# Teachers - families - accommodation allowance



## tamarisk (Apr 26, 2013)

Hi everyone 
Is anyone a teacher in Dubai, at one of the international schools? Do you get a cash allowance for accommodation? I'll be looking for a teaching job but with a family so it's no good if they just offer me a single person apartment. Do you get a cash allowance, and if so, how much, if you don't mind me asking? (and could you say if you get this amount weekly, monthly or yearly?!)
Hoping someone can help out.  
Thanks!


----------



## skyrookie (Jun 3, 2013)

tamarisk said:


> Hi everyone
> Is anyone a teacher in Dubai, at one of the international schools? Do you get a cash allowance for accommodation? I'll be looking for a teaching job but with a family so it's no good if they just offer me a single person apartment. Do you get a cash allowance, and if so, how much, if you don't mind me asking? (and could you say if you get this amount weekly, monthly or yearly?!)
> Hoping someone can help out.
> Thanks!


Depending on the school, most offer a family package for the candidate if they really like you.
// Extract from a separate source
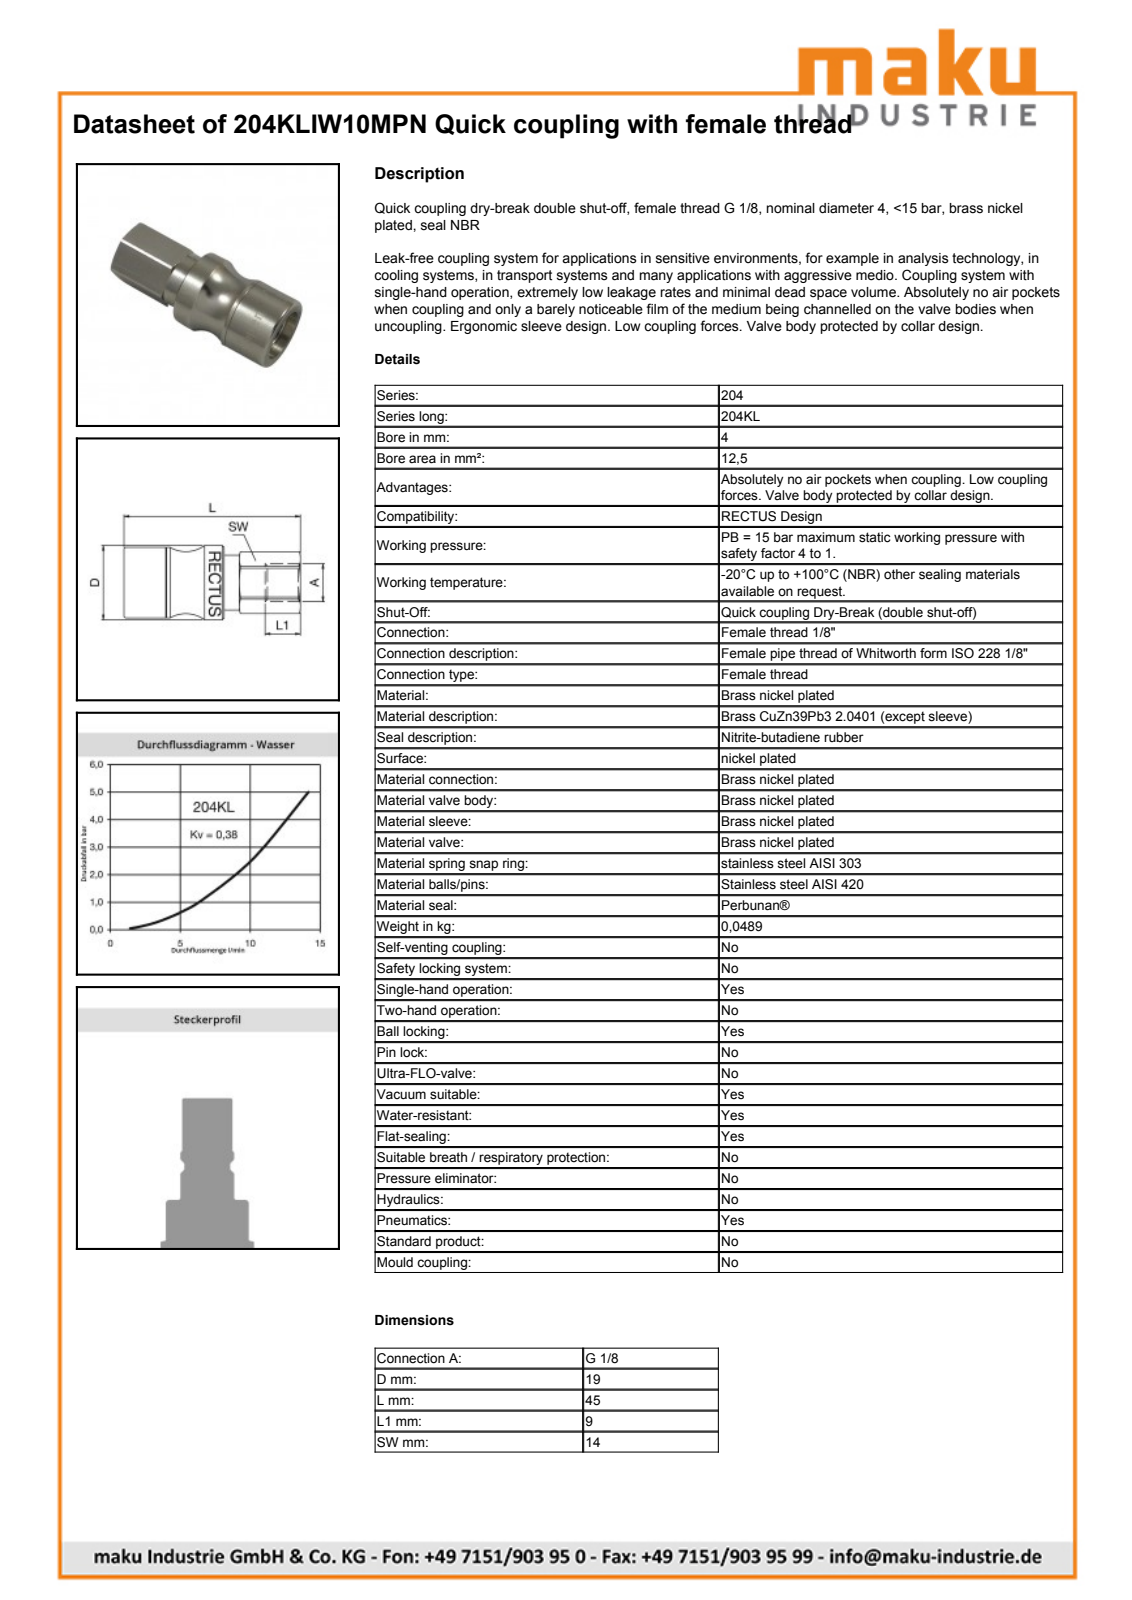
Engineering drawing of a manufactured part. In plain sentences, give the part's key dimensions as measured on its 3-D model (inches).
The part is named "D108102". Its 3-D file was written by "Autodesk Inventor 2013 (AUTOMOTIVE_DESIGN)". It is 1 solid with 47 faces: 11 planar, 13 cylindrical and 23 other. Overall it measures 1.571 by 0.622 by 0.551 inches. Its volume is 0.245 cubic inches and its surface area 2.652 square inches. Round bosses or shafts: 1 of diameter 0.551, 1 of diameter 0.383, 1 of diameter 0.354, 1 of diameter 0.331, 1 of diameter 0.299. Partial cylindrical surfaces (rounded edges, fillets, slot ends): 1 of radius 0.311. The main face-to-face distances are 0.551, 0.276, 0.606, 0.882, 0.689, 1.295, 1.571, 0.783, 0.094, 0.512.

I've seen a lot that offer a certain amount to cover school fees, or if there is space they may just offer you a spot for your children at your school. 
As for apartment, I've seen it both ways. My first school said here is the apartment building and here is your flat. They paid the landlord directly. The last school paid me a lump sum (salary + housing allowance) and I had to find my own apartment. 
Almost everything here is on a monthly basis. However, apartment rents are usually due annually. 
Just like the rest of the world you can find a wide range of apartments for a very different rents. 

Good luck!


----------